How to useChatGPTDrawingHow to ensure the consistency of the characters?
The output of DALL-E that comes with chatgpt is unstable, including unstable character consistency and unstable aspect ratio. Today, I will teach you the simplest way to achieve stable aspect ratio and character consistency, so that you can easily start hand-drawn book content production, lower the threshold, and quickly get positive and negative feedback.
1. Problem Controlling Aspect Ratio
Those of you who have used Midjourney know that we can control the size of the image we want with the -ar command, which doesn't seem to work so well in DALL-E.
Currently, DALL-E supports 3 resolutions:
- Square (1024×1024): this is the default resolution, the system automatically outputs this size if the prompt word has no special requirements.
- Horizontal (1792 x 1024): suitable for landscapes, panoramas or any image that requires horizontal orientation and is suitable for use in the production of horizontal content.
- Vertical (1024 x 1792): best suited for full body portraits, tall structures or any image that requires a vertical orientation for vertical content production.
- So how do you write prompt words to stably generate the desired image size? Start from scratch~
First I have no ideas, let gpt generate ideas for me.

Just let him output the picture according to prompt 2~

As you can see, the direct generation is 1024×1024 square images, so how to make him into a horizontal screen? Add a keyword: full body portrait (全身照) or vertical images (竖向图)

As you can see, the 1024×1792 vertical image has been generated stably, how to generate the horizontal image? Use the keyword: wide images

At this point, the problem of image size stability is solved.
2. How to solve the problem of character consistency?
Method 1: The style of images generated in the same latent space can remain consistent.
In layman's terms, it means to let dall-e generate a multi-grid image. For example:



After that, crop and enlarge the high-definition image, and you can start creating.
Method 2:
If you want to control the performance of each graph, you can use the following method:
Use prompt words: upper left, lower left, upper right, lower right layout segmentation
Please note that this is one image, not the four images that DALL-E 3 generates by default.
Prompt word template: [Medium] [Layout] [Upper left description] [Upper right description] [Bottom left description] [Bottom right description]

Finally, by analogy, can you let dall-e generate a story in one go?

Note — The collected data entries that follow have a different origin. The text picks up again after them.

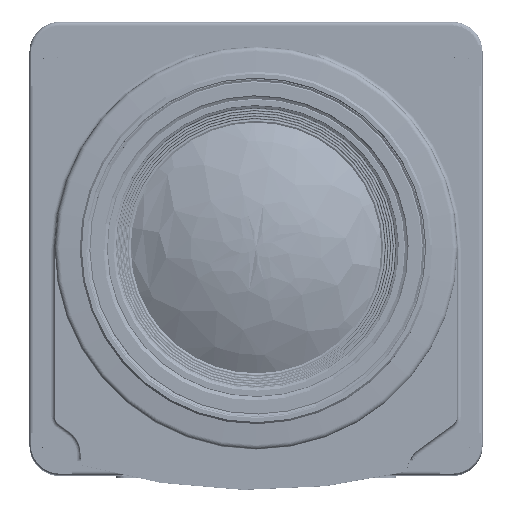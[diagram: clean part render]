
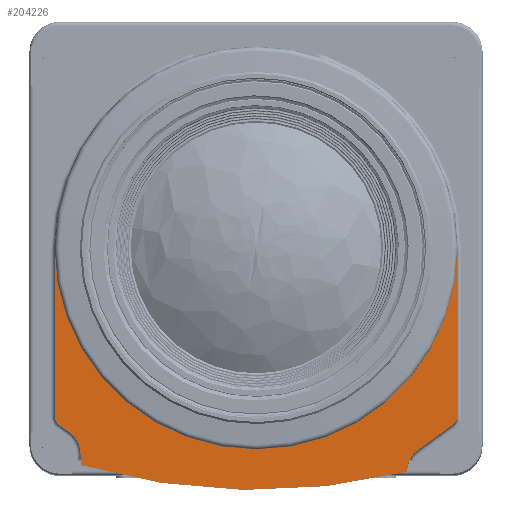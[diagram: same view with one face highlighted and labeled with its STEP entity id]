
A CAD part, top view. The second image highlights one B-rep face of the part: STEP entity #204226.
In plain terms, the highlighted planar face has unit normal (0, 0, 1).
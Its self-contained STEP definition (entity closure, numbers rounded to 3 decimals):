
#2507 = LINE ( 'NONE', #116379, #214254 ) ;
#6527 = VERTEX_POINT ( 'NONE', #134566 ) ;
#6541 = LINE ( 'NONE', #248435, #221661 ) ;
#7696 = CARTESIAN_POINT ( 'NONE',  ( 0., 76.998, 82.7 ) ) ;
#8564 = DIRECTION ( 'NONE',  ( 0., 0., 1. ) ) ;
#8906 = CIRCLE ( 'NONE', #205141, 5.43 ) ;
#10188 = CIRCLE ( 'NONE', #57834, 125. ) ;
#20448 = VERTEX_POINT ( 'NONE', #31121 ) ;
#21093 = CIRCLE ( 'NONE', #47190, 40. ) ;
#25268 = ORIENTED_EDGE ( 'NONE', *, *, #209559, .T. ) ;
#28033 = DIRECTION ( 'NONE',  ( 0., 1., 0. ) ) ;
#28235 = CARTESIAN_POINT ( 'NONE',  ( -34.85, -43.045, 82.7 ) ) ;
#29494 = VERTEX_POINT ( 'NONE', #173471 ) ;
#29526 = DIRECTION ( 'NONE',  ( 0., 1., 0. ) ) ;
#31121 = CARTESIAN_POINT ( 'NONE',  ( 32.237, -40.056, 82.7 ) ) ;
#35647 = EDGE_CURVE ( 'NONE', #199209, #213567, #6541, .T. ) ;
#36517 = EDGE_CURVE ( 'NONE', #193179, #20448, #152751, .T. ) ;
#41639 = DIRECTION ( 'NONE',  ( 0., 1., 0. ) ) ;
#42490 = CARTESIAN_POINT ( 'NONE',  ( 0., -0.002, 82.7 ) ) ;
#45167 = ORIENTED_EDGE ( 'NONE', *, *, #189756, .F. ) ;
#47190 = AXIS2_PLACEMENT_3D ( 'NONE', #208747, #8564, #29526 ) ;
#51205 = FACE_OUTER_BOUND ( 'NONE', #181270, .T. ) ;
#55460 = DIRECTION ( 'NONE',  ( 0., 1., 0. ) ) ;
#57834 = AXIS2_PLACEMENT_3D ( 'NONE', #7696, #225334, #205274 ) ;
#60468 = CARTESIAN_POINT ( 'NONE',  ( 0., -40.002, 82.7 ) ) ;
#67483 = DIRECTION ( 'NONE',  ( -0.809, -0.588, 0. ) ) ;
#68956 = CARTESIAN_POINT ( 'NONE',  ( 0., -0.002, 82.7 ) ) ;
#71735 = AXIS2_PLACEMENT_3D ( 'NONE', #42490, #80861, #41639 ) ;
#75351 = CARTESIAN_POINT ( 'NONE',  ( 38., -33.397, 82.7 ) ) ;
#79124 = PLANE ( 'NONE',  #71735 ) ;
#80861 = DIRECTION ( 'NONE',  ( 0., 0., -1. ) ) ;
#84214 = ORIENTED_EDGE ( 'NONE', *, *, #94478, .F. ) ;
#87353 = ORIENTED_EDGE ( 'NONE', *, *, #141363, .F. ) ;
#91395 = EDGE_CURVE ( 'NONE', #223044, #247296, #206644, .T. ) ;
#94478 = EDGE_CURVE ( 'NONE', #6527, #199209, #10188, .T. ) ;
#95249 = AXIS2_PLACEMENT_3D ( 'NONE', #189861, #250751, #114087 ) ;
#96024 = CARTESIAN_POINT ( 'NONE',  ( -40., -34.302, 82.7 ) ) ;
#98635 = DIRECTION ( 'NONE',  ( -0.809, 0.588, 0. ) ) ;
#99856 = VECTOR ( 'NONE', #67483, 1000. ) ;
#100102 = AXIS2_PLACEMENT_3D ( 'NONE', #75351, #175454, #217114 ) ;
#100753 = VERTEX_POINT ( 'NONE', #208437 ) ;
#101335 = ORIENTED_EDGE ( 'NONE', *, *, #115038, .F. ) ;
#103886 = CIRCLE ( 'NONE', #136620, 40. ) ;
#106345 = CARTESIAN_POINT ( 'NONE',  ( 40., -0.002, 82.7 ) ) ;
#112831 = AXIS2_PLACEMENT_3D ( 'NONE', #124969, #215301, #217011 ) ;
#114087 = DIRECTION ( 'NONE',  ( 0., 1., 0. ) ) ;
#115038 = EDGE_CURVE ( 'NONE', #213567, #29494, #208815, .T. ) ;
#116108 = ORIENTED_EDGE ( 'NONE', *, *, #193790, .T. ) ;
#116379 = CARTESIAN_POINT ( 'NONE',  ( -40., -0.002, 82.7 ) ) ;
#117686 = CARTESIAN_POINT ( 'NONE',  ( 35.429, -44.449, 82.7 ) ) ;
#120170 = EDGE_CURVE ( 'NONE', #29494, #122957, #253407, .T. ) ;
#120889 = ORIENTED_EDGE ( 'NONE', *, *, #120170, .F. ) ;
#122957 = VERTEX_POINT ( 'NONE', #127199 ) ;
#124969 = CARTESIAN_POINT ( 'NONE',  ( -38., -33.283, 82.7 ) ) ;
#127199 = CARTESIAN_POINT ( 'NONE',  ( -39.176, -34.901, 82.7 ) ) ;
#127506 = CARTESIAN_POINT ( 'NONE',  ( 30., -41.682, 82.7 ) ) ;
#134566 = CARTESIAN_POINT ( 'NONE',  ( 30., -44.348, 82.7 ) ) ;
#134932 = CIRCLE ( 'NONE', #112831, 2. ) ;
#136620 = AXIS2_PLACEMENT_3D ( 'NONE', #68956, #209812, #28033 ) ;
#140360 = DIRECTION ( 'NONE',  ( 0., 0., -1. ) ) ;
#141363 = EDGE_CURVE ( 'NONE', #100753, #151399, #21093, .T. ) ;
#150748 = ORIENTED_EDGE ( 'NONE', *, *, #36517, .F. ) ;
#151399 = VERTEX_POINT ( 'NONE', #60468 ) ;
#152751 = LINE ( 'NONE', #127506, #99856 ) ;
#154916 = VERTEX_POINT ( 'NONE', #255130 ) ;
#156976 = ORIENTED_EDGE ( 'NONE', *, *, #91395, .F. ) ;
#161795 = CARTESIAN_POINT ( 'NONE',  ( 40., -33.397, 82.7 ) ) ;
#166039 = EDGE_CURVE ( 'NONE', #154916, #122957, #134932, .T. ) ;
#168727 = CARTESIAN_POINT ( 'NONE',  ( -34.85, -40.744, 82.7 ) ) ;
#170991 = DIRECTION ( 'NONE',  ( 0., 1., 0. ) ) ;
#173471 = CARTESIAN_POINT ( 'NONE',  ( -37.035, -36.456, 82.7 ) ) ;
#175454 = DIRECTION ( 'NONE',  ( 0., 0., 1. ) ) ;
#177741 = DIRECTION ( 'NONE',  ( 0., 1., 0. ) ) ;
#181270 = EDGE_LOOP ( 'NONE', ( #194979, #205329, #120889, #101335, #203200, #84214, #116108, #150748, #25268, #156976, #45167, #87353 ) ) ;
#181722 = VECTOR ( 'NONE', #209173, 1000. ) ;
#189756 = EDGE_CURVE ( 'NONE', #151399, #223044, #103886, .T. ) ;
#189861 = CARTESIAN_POINT ( 'NONE',  ( -40.15, -40.744, 82.7 ) ) ;
#193179 = VERTEX_POINT ( 'NONE', #249586 ) ;
#193790 = EDGE_CURVE ( 'NONE', #6527, #20448, #8906, .T. ) ;
#194979 = ORIENTED_EDGE ( 'NONE', *, *, #240514, .F. ) ;
#196297 = CIRCLE ( 'NONE', #100102, 2. ) ;
#199209 = VERTEX_POINT ( 'NONE', #28235 ) ;
#203200 = ORIENTED_EDGE ( 'NONE', *, *, #35647, .F. ) ;
#204226 = ADVANCED_FACE ( 'NONE', ( #51205 ), #79124, .F. ) ;
#205141 = AXIS2_PLACEMENT_3D ( 'NONE', #117686, #140360, #177741 ) ;
#205274 = DIRECTION ( 'NONE',  ( 0., 1., 0. ) ) ;
#205329 = ORIENTED_EDGE ( 'NONE', *, *, #166039, .T. ) ;
#206644 = LINE ( 'NONE', #248357, #181722 ) ;
#208437 = CARTESIAN_POINT ( 'NONE',  ( -40., -0.002, 82.7 ) ) ;
#208747 = CARTESIAN_POINT ( 'NONE',  ( 0., -0.002, 82.7 ) ) ;
#208815 = CIRCLE ( 'NONE', #95249, 5.3 ) ;
#209173 = DIRECTION ( 'NONE',  ( 0., -1., 0. ) ) ;
#209559 = EDGE_CURVE ( 'NONE', #193179, #247296, #196297, .T. ) ;
#209812 = DIRECTION ( 'NONE',  ( 0., 0., 1. ) ) ;
#213567 = VERTEX_POINT ( 'NONE', #168727 ) ;
#214254 = VECTOR ( 'NONE', #55460, 1000. ) ;
#215301 = DIRECTION ( 'NONE',  ( 0., 0., 1. ) ) ;
#217011 = DIRECTION ( 'NONE',  ( 0., 1., 0. ) ) ;
#217114 = DIRECTION ( 'NONE',  ( 0., 1., 0. ) ) ;
#221661 = VECTOR ( 'NONE', #170991, 1000. ) ;
#223044 = VERTEX_POINT ( 'NONE', #106345 ) ;
#225334 = DIRECTION ( 'NONE',  ( 0., 0., -1. ) ) ;
#228779 = VECTOR ( 'NONE', #98635, 1000. ) ;
#240514 = EDGE_CURVE ( 'NONE', #154916, #100753, #2507, .T. ) ;
#247296 = VERTEX_POINT ( 'NONE', #161795 ) ;
#248357 = CARTESIAN_POINT ( 'NONE',  ( 40., -0.002, 82.7 ) ) ;
#248435 = CARTESIAN_POINT ( 'NONE',  ( -34.85, -43.045, 82.7 ) ) ;
#249586 = CARTESIAN_POINT ( 'NONE',  ( 39.176, -35.015, 82.7 ) ) ;
#250751 = DIRECTION ( 'NONE',  ( 0., 0., 1. ) ) ;
#253407 = LINE ( 'NONE', #96024, #228779 ) ;
#255130 = CARTESIAN_POINT ( 'NONE',  ( -40., -33.283, 82.7 ) ) ;
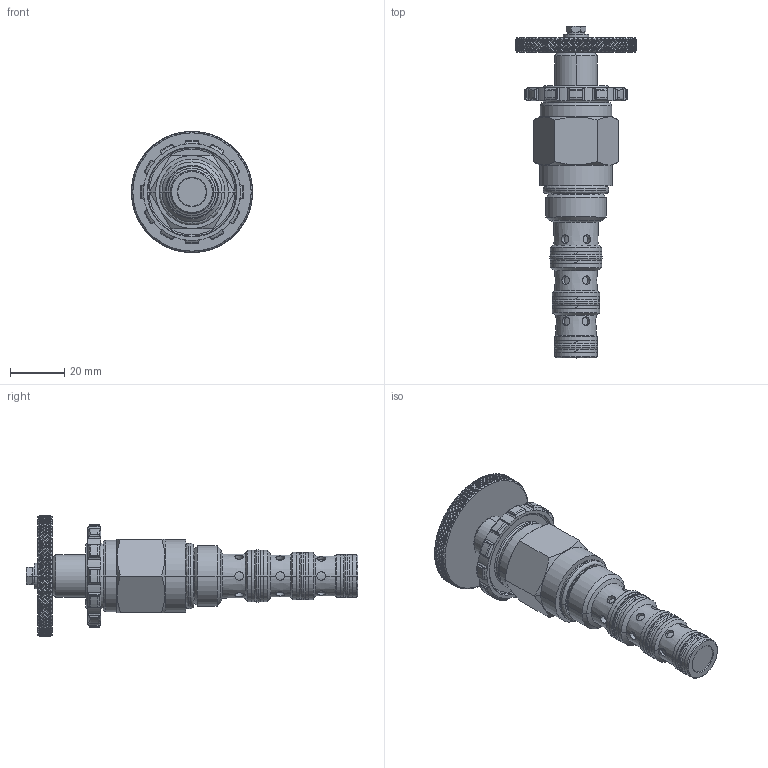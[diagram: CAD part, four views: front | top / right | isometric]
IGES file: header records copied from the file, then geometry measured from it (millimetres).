
Start section:  PTC IGES file: DCPS-10-A-M.igs
Global section: file name: DCPS-10-A-M.igs; native system: Creo Elements/Pro by Parametric Technology Corporation; preprocessor: 2015070; author: torrese; organization: Unknown; date: 20151221.152310; units: inch
Bounding box: 44.45 x 122 x 44.45 mm (x, y, z)
Volume: 49628.3 mm3; surface area: 14695.4 mm2
Topology: 1 solids, 1 shells, 2715 faces, 5888 edges, 3207 vertices
Faces by surface type: bspline 1996, revolution 719
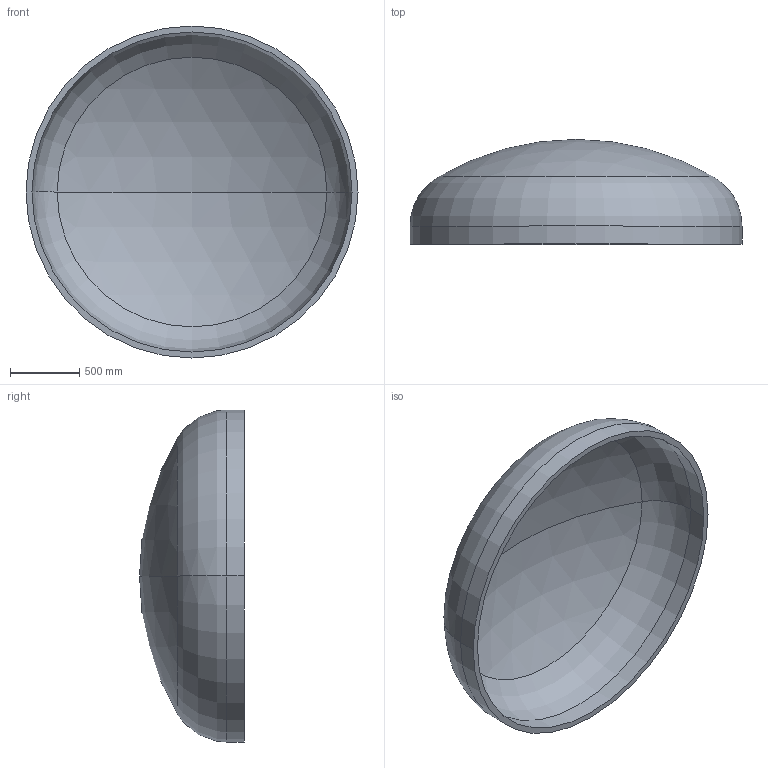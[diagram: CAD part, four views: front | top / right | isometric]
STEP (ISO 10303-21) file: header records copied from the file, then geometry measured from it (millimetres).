
FILE_DESCRIPTION (( 'STEP AP203' ), '1' );
FILE_NAME ('DIN 28013 Korbbogenform_-_Boden DIN 28013 - 2400 x 130 - I - s=43.step', '2016-07-01T15:22:52', ( '' ), ( '' ), 'SwSTEP 2.0', 'SolidWorks 2013', '' );
FILE_SCHEMA (( 'CONFIG_CONTROL_DESIGN' ));
Length unit declared in the file: millimetre
Products named in the file (1): DIN 28013 Korbbogenform_-_Boden DIN 28013 - 2400 x 130 - I - s=43
Bounding box: 2400 x 757.66 x 2400 mm (x, y, z)
Volume: 304577330.3 mm3; surface area: 14488658.9 mm2
Topology: 1 solids, 1 shells, 13 faces, 24 edges, 14 vertices
Faces by surface type: torus 4, cylinder 4, sphere 4, plane 1
Entity records: 407 total; most frequent: DIRECTION 72, CARTESIAN_POINT 52, ORIENTED_EDGE 48, AXIS2_PLACEMENT_3D 34, EDGE_CURVE 24, CIRCLE 20, EDGE_LOOP 14, VERTEX_POINT 14
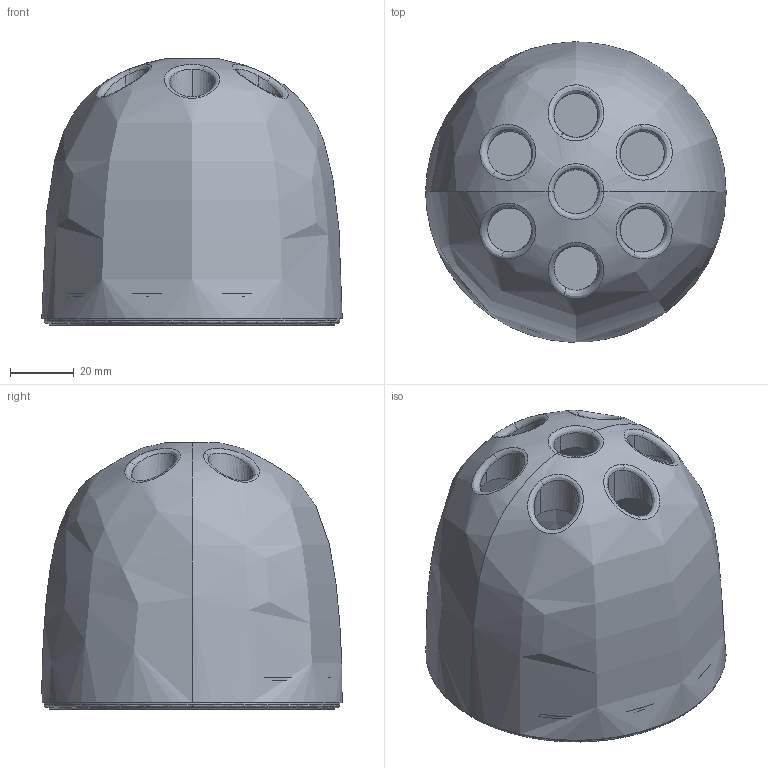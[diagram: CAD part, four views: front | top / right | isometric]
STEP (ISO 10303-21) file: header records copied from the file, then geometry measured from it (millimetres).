
FILE_DESCRIPTION(/* description */ (''),/* implementation_level */ '2;1');
FILE_NAME(/* name */ 'Dedalino',/* time_stamp */ '2025-07-10T09:10:25+02:00',/* author */ (''),/* organization */ (''),/* preprocessor_version */ 'ST-DEVELOPER v16.5',/* originating_system */ 'Rhino 7.37',/* authorisation */ '');
FILE_SCHEMA (('AUTOMOTIVE_DESIGN'));
Length unit declared in the file: millimetre
Products named in the file (1): Document
Bounding box: 94.4 x 94.33 x 83.69 mm (x, y, z)
Volume: 58398.7 mm3; surface area: 72833.4 mm2
Topology: 64 solids, 64 shells, 1372 faces, 3629 edges, 2429 vertices
Faces by surface type: plane 838, bspline 474, cylinder 60
Entity records: 55411 total; most frequent: CARTESIAN_POINT 30594, ORIENTED_EDGE 7258, EDGE_CURVE 3629, B_SPLINE_CURVE_WITH_KNOTS 3373, VERTEX_POINT 2429, EDGE_LOOP 1476, ADVANCED_FACE 1372, FACE_OUTER_BOUND 1372

The layout of the picture determines the size, multiple grids plus the description of the layout, can you still say that the consistency is not good? Or do you think it is difficult to split and enlarge it?
Of course, the gameplay shown in the picture above can be extended to many other ways. For example, is it possible to make several pictures into frame pictures of a person dancing, and then edit them after processing?
For example, is it possible to generate a frame-by-frame image of a person or a celebrity's facial expression, from calm to big to crying, and so on?
For example, is the entire process of a dragon opening its mouth and breathing fire possible?
Of course, the gameplay of dall-e is far more than that. Go ahead and explore it, young man. AI is a tool, and the tool allows you to fiddle with it at will. As for how to apply it to money-making scenarios, this is the key.